Dawn of the Cinema of the Machines:
Here is the first summer blockbuster where the CGI characters are central to the drama, with humans being rendered into secondary roles. This is why Dawn of the Planet of the Apes is a turning point- it is a mile post of transition, much as The Jazz Singer or Terminator 2, signaling the end of an era. Hollywood is ready to turn out the stars.
Last year, when I review Ari Folman’s breath-taking science fiction meditation on celebrity, The Congress, I thought that Folman and Stanislaw Lem were dealing with a world still decades away- a world where Hollywood no longer had to rely on human actors, but could instead compose and direct characters with no more annoying ad libbing or characterization from those meddling actors. Once again, I find that the future has arrived faster than I had appreciated. Who needs a new starlet, if you’ve negotiated the right to Marilyn Monroe’s likeness, and you can get talent like ILM or Weta to map out a new performance pattern for a dead visage?

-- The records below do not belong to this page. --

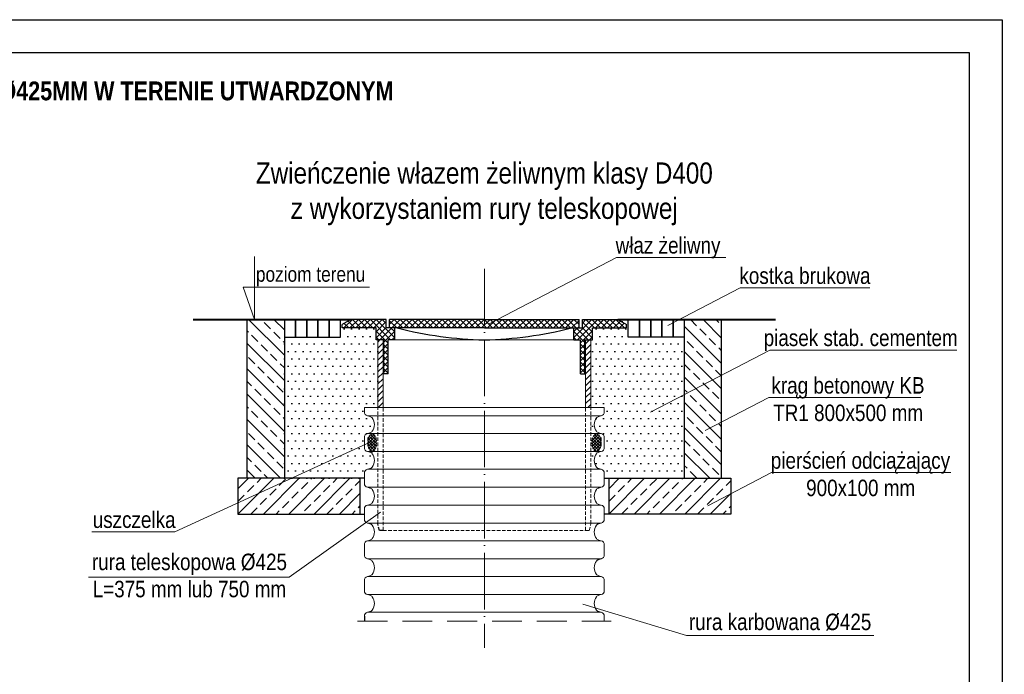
# Model space of a CAD drawing. Header units: millimetres. Extents: x 1894 to 2795, y 448 to 745.
# Tile 6 of 6: x 2586 to 2795, y 606 to 745. Entities that reach past the tile are written whole.
import ezdxf

# ---------------------------------------------------------------- set-up
doc = ezdxf.new("R2010")
doc.units = ezdxf.units.MM
for name, pattern in [('ACAD_ISO04W100', [30, 24, -3, 0, -3]), ('HIDDEN', [9.525, 6.35, -3.175]), ('HIDDEN1', [1.1, 0.75, -0.35])]:
    doc.linetypes.add(name, pattern=pattern)
doc.layers.add('Kreskowania', color=7, linetype='Continuous', lineweight=5)
doc.layers.add('Opisy', color=7, linetype='Continuous', lineweight=5)
doc.layers.add('rysunek', color=7, linetype='Continuous')
doc.styles.add('Arial Narrow', font='ARIALN.TTF', dxfattribs={"height": 3.5})

msp = doc.modelspace()

# ---------------------------------------------------------------- hatches: boundary and pattern name
at = {"layer": 'Kreskowania', "linetype": 'Continuous', "lineweight": 5}
h = msp.add_hatch(dxfattribs=at)
h.set_pattern_fill('NET', color=256, scale=7.2, angle=45, style=0)
h.set_pattern_definition([(45, (2627.456, 491.7765), (-0.636396, 0.636396), []), (135, (2627.456, 491.7765), (-0.636396, -0.636396), [])])
h.paths.add_polyline_path([(2665.724, 679.622), (2663.924, 679.622), (2663.924, 681.422), (2656.435, 681.422), (2654.564, 680.342), (2654.564, 679.622), (2661.764, 679.622), (2661.764, 677.102), (2663.392, 677.102), (2663.392, 669.902), (2664.328, 669.902), (2664.328, 677.102), (2665.724, 677.102)])
h.paths.add_polyline_path([(2707.787, 679.622), (2714.987, 679.622), (2714.987, 680.342), (2713.117, 681.422), (2705.627, 681.422), (2705.627, 679.622), (2703.827, 679.622), (2703.827, 677.102), (2705.224, 677.102), (2705.224, 669.902), (2706.16, 669.902), (2706.16, 677.102), (2707.787, 677.102)])
h.paths.add_polyline_path([(2704.907, 681.422), (2684.776, 681.422), (2684.776, 679.622), (2704.907, 679.622)])
h.paths.add_polyline_path([(2684.776, 681.422), (2664.644, 681.422), (2664.644, 679.622), (2684.776, 679.622)])
h = msp.add_hatch(dxfattribs=at)
h.set_pattern_fill('ANSI31', color=256, scale=7.2, style=0)
h.set_pattern_definition([(45, (2627.456, 491.7765), (-0.636396, 0.636396), [])])
h.paths.add_polyline_path([(2663.248, 677.102), (2662.124, 677.102), (2662.124, 662.702), (2663.248, 662.702)])
h.paths.add_polyline_path([(2707.427, 677.102), (2706.304, 677.102), (2706.304, 662.702), (2707.427, 662.702)])
h = msp.add_hatch(dxfattribs=at)
h.set_pattern_fill('NET', color=256, scale=3.6, angle=45, style=0)
h.set_pattern_definition([(135, (2742.09564, 611.73096), (0.318198, 0.318198), []), (45, (2742.09564, 611.73096), (0.318198, -0.318198), [])])
edge = h.paths.add_edge_path()
edge.add_ellipse((2660.944, 655.237), major_axis=(0, 1.921), ratio=0.487198, start_angle=0, end_angle=360, ccw=False)
h = msp.add_hatch(dxfattribs=at)
h.set_pattern_fill('NET', color=256, scale=3.6, angle=45, style=0)
h.set_pattern_definition([(45, (2627.456, 611.73096), (-0.318198, 0.318198), []), (135, (2627.456, 611.73096), (-0.318198, -0.318198), [])])
edge = h.paths.add_edge_path()
edge.add_ellipse((2708.608, 655.237), major_axis=(0, 1.921), ratio=0.487198, start_angle=0, end_angle=360)
at = {"layer": 'rysunek', "lineweight": 15}
h = msp.add_hatch(dxfattribs=at)
h.set_pattern_fill('ANSI33', color=256, scale=0.6, angle=90, style=0)
h.set_pattern_definition([(135, (1185.8865, 120.4148), (-2.694077, -2.694077), []), (135, (1185.8865, 123.109), (-2.694077, -2.694077), [1.905, -0.9525])])
h.paths.add_polyline_path([(2642.276, 681.422), (2634.357, 681.422), (2634.357, 647.667), (2642.276, 647.667)])
at = {"layer": 'rysunek'}
h = msp.add_hatch(dxfattribs=at)
h.set_pattern_fill('DOTS', color=256, style=0)
h.set_pattern_definition([(0, (2642.2758, 647.6667), (0.79375, 1.5875), [0, -1.5875])])
h.paths.add_polyline_path([(2662.124, 677.102), (2661.764, 677.102), (2661.764, 679.622), (2654.564, 679.622), (2654.564, 680.342), (2656.435, 681.422), (2654.187, 681.422), (2654.187, 677.687), (2651.805, 677.687), (2649.422, 677.687), (2647.04, 677.687), (2644.658, 677.687), (2642.276, 677.687), (2642.276, 647.667), (2659.288, 647.667), (2659.288, 648.753, -0.3394543), (2659.928, 649.588), (2659.928, 649.588), (2660.466, 649.732, 0.1685944), (2660.935, 650.05, 0.3309782), (2660.936, 652.885, 0.1689237), (2660.466, 653.205), (2659.928, 653.349), (2659.928, 653.349, -0.3394543), (2659.288, 654.183), (2659.288, 656.357, -0.3394543), (2659.928, 657.191), (2659.928, 657.191), (2660.466, 657.335, 0.1685944), (2660.935, 657.654, 0.3309782), (2660.936, 660.489, 0.1689237), (2660.466, 660.808), (2659.928, 660.952), (2659.928, 660.952, -0.3394543), (2659.288, 661.786), (2659.288, 662.702), (2662.124, 662.702)])
h = msp.add_hatch(dxfattribs=at)
h.set_pattern_fill('DOTS', color=256, style=0)
h.set_pattern_definition([(0, (2706.9334, 647.6667), (0.79375, 1.5875), [0, -1.5875])])
edge = h.paths.add_edge_path()
edge.add_line((2727.276, 677.687), (2724.894, 677.687))
edge.add_line((2724.894, 677.687), (2722.511, 677.687))
edge.add_line((2722.511, 677.687), (2720.129, 677.687))
edge.add_line((2720.129, 677.687), (2717.747, 677.687))
edge.add_line((2717.747, 677.687), (2715.365, 677.687))
edge.add_line((2715.365, 677.687), (2715.365, 681.422))
edge.add_line((2715.365, 681.422), (2713.117, 681.422))
edge.add_line((2713.117, 681.422), (2714.987, 680.342))
edge.add_line((2714.987, 680.342), (2714.987, 679.622))
edge.add_line((2714.987, 679.622), (2707.787, 679.622))
edge.add_line((2707.787, 679.622), (2707.787, 677.102))
edge.add_line((2707.787, 677.102), (2707.427, 677.102))
edge.add_line((2707.427, 677.102), (2707.427, 662.702))
edge.add_line((2707.427, 662.702), (2710.264, 662.702))
edge.add_line((2710.264, 662.702), (2710.264, 661.786))
edge.add_arc((2709.4, 661.786), 0.864, 285, 360, ccw=False)
edge.add_line((2709.623, 660.952), (2707.427, 660.952))
edge.add_line((2707.427, 660.952), (2707.427, 657.191))
edge.add_line((2707.427, 657.191), (2709.623, 657.191))
edge.add_arc((2709.4, 656.357), 0.864, 0, 75, ccw=False)
edge.add_line((2710.264, 656.357), (2710.264, 654.183))
edge.add_arc((2709.4, 654.183), 0.864, 285, 360, ccw=False)
edge.add_line((2709.623, 653.349), (2708.779, 653.349))
edge.add_ellipse((2708.608, 655.237), major_axis=(0, 1.921), ratio=0.487198, start_angle=169.4398, end_angle=190.5602, ccw=False)
edge.add_line((2708.436, 653.349), (2707.427, 653.349))
edge.add_line((2707.427, 653.349), (2707.427, 649.588))
edge.add_line((2707.427, 649.588), (2709.623, 649.588))
edge.add_arc((2709.4, 648.753), 0.864, 0, 75, ccw=False)
edge.add_line((2710.264, 648.753), (2710.264, 647.667))
edge.add_line((2710.264, 647.667), (2727.276, 647.667))
edge.add_line((2727.276, 647.667), (2727.276, 677.687))
h.paths.add_polyline_path([(2709.086, 660.808, 0.1690768), (2708.616, 660.489), (2708.616, 660.489, 0.3309782), (2708.617, 657.654, -0.00064), (2708.615, 657.655, -0.3307199), (2708.616, 660.489, -0.1690768)], flags=16)
h.paths.add_polyline_path([(2709.086, 653.205, 0.1690768), (2708.616, 652.885), (2708.616, 652.885, 0.3309782), (2708.617, 650.05, -0.00064), (2708.615, 650.052, -0.3307199), (2708.616, 652.885, -0.1690768)], flags=16)
at = {"layer": 'rysunek', "lineweight": 15}
h = msp.add_hatch(dxfattribs=at)
h.set_pattern_fill('ANSI33', color=256, scale=0.6, angle=90, style=0)
h.set_pattern_definition([(135, (1190.8865, 120.4148), (-2.694077, -2.694077), []), (135, (1190.8865, 123.109), (-2.694077, -2.694077), [1.905, -0.9525])])
h.paths.add_polyline_path([(2735.194, 681.421), (2727.276, 681.421), (2727.276, 647.667), (2735.194, 647.667)])
at = {"layer": 'rysunek'}
h = msp.add_hatch(dxfattribs=at)
h.set_pattern_fill('ANSI33', color=256, scale=0.6, style=0)
h.set_pattern_definition([(45, (2632.4233, 640.0635), (-2.6941, 2.6941), []), (45, (2635.1173, 640.0635), (-2.6941, 2.6941), [1.905, -0.9525])])
h.paths.add_polyline_path([(2658.328, 647.667), (2632.423, 647.667), (2632.423, 640.064), (2658.328, 640.064)])
h = msp.add_hatch(dxfattribs=at)
h.set_pattern_fill('ANSI33', color=256, scale=0.6, style=0)
h.set_pattern_definition([(45, (2711.2233, 640.0635), (-2.6941, 2.6941), []), (45, (2713.9173, 640.0635), (-2.6941, 2.6941), [1.905, -0.9525])])
h.paths.add_polyline_path([(2737.128, 647.667), (2711.223, 647.667), (2711.223, 640.063), (2737.128, 640.063)])

# ---------------------------------------------------------------- linework, layer by layer
at = {"linetype": 'ACAD_ISO04W100', "lineweight": 5, "ltscale": 0.5}
msp.add_line((2684.776, 692.199), (2684.776, 611.605), dxfattribs=at)
at = {"lineweight": 40}
for p, q in [((2622.873, 681.422), (2656.435, 681.422)), ((2713.117, 681.422), (2746.679, 681.422))]:
    msp.add_line(p, q, dxfattribs=at)
at = {"color": 7, "linetype": 'Continuous', "lineweight": 30}
for p, q in [((2656.435, 681.422), (2654.564, 680.342)), ((2654.564, 679.622), (2654.564, 680.342)), ((2663.924, 681.422), (2656.435, 681.422)), ((2663.924, 679.622), (2663.924, 681.422)), ((2664.644, 679.622), (2664.644, 681.422)), ((2684.776, 681.422), (2664.644, 681.422)), ((2684.776, 681.422), (2704.907, 681.422)), ((2704.907, 679.622), (2704.907, 681.422)), ((2705.627, 679.622), (2705.627, 681.422)), ((2705.627, 681.422), (2713.117, 681.422)), ((2713.117, 681.422), (2714.987, 680.342)), ((2714.987, 679.622), (2714.987, 680.342)), ((2661.764, 679.622), (2654.564, 679.622)), ((2661.764, 677.102), (2661.764, 679.622)), ((2684.776, 679.622), (2663.924, 679.622)), ((2665.724, 677.102), (2665.724, 679.622)), ((2684.776, 679.622), (2705.627, 679.622)), ((2703.827, 677.102), (2703.827, 679.622)), ((2707.787, 677.102), (2707.787, 679.622)), ((2707.787, 679.622), (2714.987, 679.622)), ((2663.392, 677.102), (2661.764, 677.102)), ((2663.392, 669.902), (2663.392, 677.102)), ((2665.724, 677.102), (2664.328, 677.102)), ((2664.328, 669.902), (2664.328, 677.102)), ((2703.827, 677.102), (2705.224, 677.102)), ((2705.224, 669.902), (2705.224, 677.102)), ((2706.16, 677.102), (2707.787, 677.102)), ((2706.16, 669.902), (2706.16, 677.102)), ((2664.328, 669.902), (2663.392, 669.902))]:
    msp.add_line(p, q, dxfattribs=at)
at = {"color": 7, "linetype": 'Continuous', "lineweight": 15}
for p, q in [((2662.124, 662.702), (2662.124, 677.102)), ((2663.248, 662.702), (2663.248, 677.102)), ((2665.724, 677.102), (2684.776, 677.102)), ((2703.827, 677.102), (2684.776, 677.102)), ((2706.304, 662.702), (2706.304, 677.102)), ((2707.427, 662.702), (2707.427, 677.102)), ((2659.288, 662.702), (2710.264, 662.702)), ((2659.288, 662.702), (2659.288, 661.786)), ((2710.264, 662.702), (2710.264, 661.786)), ((2659.928, 660.952), (2660.466, 660.808)), ((2659.928, 660.952), (2709.623, 660.952)), ((2709.623, 660.952), (2709.086, 660.808)), ((2659.928, 657.191), (2660.466, 657.335)), ((2659.928, 657.191), (2709.623, 657.191)), ((2709.623, 657.191), (2709.086, 657.335)), ((2659.288, 656.357), (2659.288, 654.183)), ((2710.264, 656.357), (2710.264, 654.183)), ((2659.928, 653.349), (2660.466, 653.205)), ((2659.928, 653.349), (2709.623, 653.349)), ((2709.623, 653.349), (2709.086, 653.205)), ((2659.288, 648.753), (2659.288, 646.58)), ((2659.928, 649.588), (2660.466, 649.732)), ((2659.928, 649.588), (2709.623, 649.588)), ((2709.623, 649.588), (2709.086, 649.732)), ((2710.264, 648.753), (2710.264, 646.58)), ((2659.928, 645.746), (2660.466, 645.601)), ((2659.928, 645.746), (2709.623, 645.746)), ((2709.623, 645.746), (2709.086, 645.601)), ((2659.288, 641.15), (2659.288, 638.977)), ((2659.928, 641.985), (2660.466, 642.129)), ((2659.928, 641.985), (2709.623, 641.985)), ((2709.623, 641.985), (2709.086, 642.129)), ((2710.264, 641.15), (2710.264, 638.977)), ((2659.928, 638.142), (2660.466, 637.998)), ((2659.928, 638.142), (2709.623, 638.142)), ((2709.623, 638.142), (2709.086, 637.998)), ((2659.928, 634.381), (2660.466, 634.526)), ((2659.928, 634.381), (2709.623, 634.381)), ((2709.623, 634.381), (2709.086, 634.526)), ((2659.288, 633.547), (2659.288, 631.374)), ((2710.264, 633.547), (2710.264, 631.374)), ((2659.928, 630.539), (2709.623, 630.539)), ((2659.928, 630.539), (2660.466, 630.395)), ((2659.288, 625.944), (2659.288, 623.77)), ((2659.928, 626.778), (2660.466, 626.922)), ((2659.928, 626.778), (2709.623, 626.778)), ((2709.623, 626.778), (2709.086, 626.922)), ((2710.264, 625.944), (2710.264, 623.77)), ((2659.928, 622.936), (2660.466, 622.792)), ((2659.928, 622.936), (2709.623, 622.936)), ((2709.623, 622.936), (2709.086, 622.792)), ((2659.928, 619.175), (2660.466, 619.319)), ((2659.928, 619.175), (2709.623, 619.175)), ((2709.623, 619.175), (2709.086, 619.319)), ((2710.264, 618.341), (2710.264, 617.312))]:
    msp.add_line(p, q, dxfattribs=at)
at = {"color": 7, "linetype": 'Continuous'}
for p, q in [((2705.224, 669.902), (2706.16, 669.902)), ((2709.623, 630.539), (2709.086, 630.395)), ((2659.288, 618.341), (2659.288, 617.312))]:
    msp.add_line(p, q, dxfattribs=at)
at = {"linetype": 'HIDDEN1', "lineweight": 15}
for p, q in [((2662.124, 638.025), (2662.124, 662.702)), ((2663.248, 636.585), (2663.248, 662.702)), ((2706.304, 636.585), (2706.304, 662.702)), ((2707.427, 638.025), (2707.427, 662.702)), ((2663.248, 636.585), (2706.304, 636.585)), ((2706.304, 636.585), (2707.041, 636.585)), ((2707.041, 636.585), (2707.427, 638.025))]:
    msp.add_line(p, q, dxfattribs=at)
at = {"linetype": 'HIDDEN1'}
for p, q in [((2660.008, 656.324), (2660.008, 654.151)), ((2709.544, 656.324), (2709.544, 654.151)), ((2662.51, 636.585), (2662.124, 638.025)), ((2663.248, 636.585), (2662.51, 636.585))]:
    msp.add_line(p, q, dxfattribs=at)
msp.add_lwpolyline([(2399.817, 738.173), (2787.817, 738.173), (2787.817, 455.173), (2399.817, 455.173)], close=True)
at = {"color": 7, "linetype": 'Continuous', "lineweight": 30}
for centre, start, end in [((2686.478, 758.768), 255.68068, 268.80579), ((2683.073, 758.768), 271.19421, 284.31932)]:
    msp.add_arc(centre, 81.684, start, end, dxfattribs=at)
at = {"color": 7, "linetype": 'Continuous', "lineweight": 15}
for centre, radius, start, end in [((2660.152, 661.786), 0.864, 180, 255), ((2709.4, 661.786), 0.864, 285, 0), ((2660.242, 659.973), 0.864, 36.6135, 75), ((2659.029, 659.072), 2.376, 323.3865, 36.6135), ((2710.523, 659.072), 2.376, 143.3865, 216.6135), ((2709.309, 659.973), 0.864, 105, 143.3865), ((2660.152, 656.357), 0.864, 105, 180), ((2660.242, 658.17), 0.864, 285, 323.3865), ((2709.309, 658.17), 0.864, 216.6135, 255), ((2709.4, 656.357), 0.864, 0, 75), ((2660.152, 654.183), 0.864, 180, 255), ((2660.242, 652.37), 0.864, 36.6135, 75), ((2659.029, 651.468), 2.376, 323.3865, 36.6135), ((2710.523, 651.468), 2.376, 143.3865, 216.6135), ((2709.309, 652.37), 0.864, 105, 143.3865), ((2709.4, 654.183), 0.864, 285, 0), ((2660.152, 648.753), 0.864, 105, 180), ((2660.242, 650.567), 0.864, 285, 323.3865), ((2709.309, 650.567), 0.864, 216.6135, 255), ((2709.4, 648.753), 0.864, 0, 75), ((2660.152, 646.58), 0.864, 180, 255), ((2709.4, 646.58), 0.864, 285, 0), ((2660.242, 644.767), 0.864, 36.6135, 75), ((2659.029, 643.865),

The acting can be left to the graphics houses. As long as you have some patient interns willing to do some pantomime wearing a motion capture suit, you can get the basic movements, and then you can texture the performance after that with a digital effects house.
My point is that this film will not lead to marquee roles for Toby Kebbell or Kodi Smit-McPhee. Andy Serkis is famous and acknowledged for his talent, but that’s mostly because he was the first. We will not know the faces of the leading men and ladies of the future.
So there’s a subtle irony to this hit film, where we are entertained by the howling conquerors, who wear the faces of our ancestors- they actually are our successors. We are going from being replaced in an industrial capacity to being replaced in a creative and intellectual capacity by automation.
It is not like we should miss them, the star actors. They’ve been monsters since the days of Clara Bow. Our celebrity culture shall now go entirely to the veneration of the worthless and untalented, antithesis of meritocracy.
There won’t even be a pretense of a basis for the assignment of fame. But we’ve become a people who can only stomach heroes as frauds, and only suffer saints for when they can be proven out as swindles.
They’ve got our profiles, the movie studios do. They know that we’re a sucker for watching a chimpanzee going Rambo, riding a horse while double slinging two machine guns. They understand we’ll forgive any stupidities or contrivances so long as they do not call our intelligence into question. And now they’ve got a deterrent to make sure the SAG never get’s uppity again. They can automate the acting.
Down on Sunset Avenue, without any fuss, the stars are going out.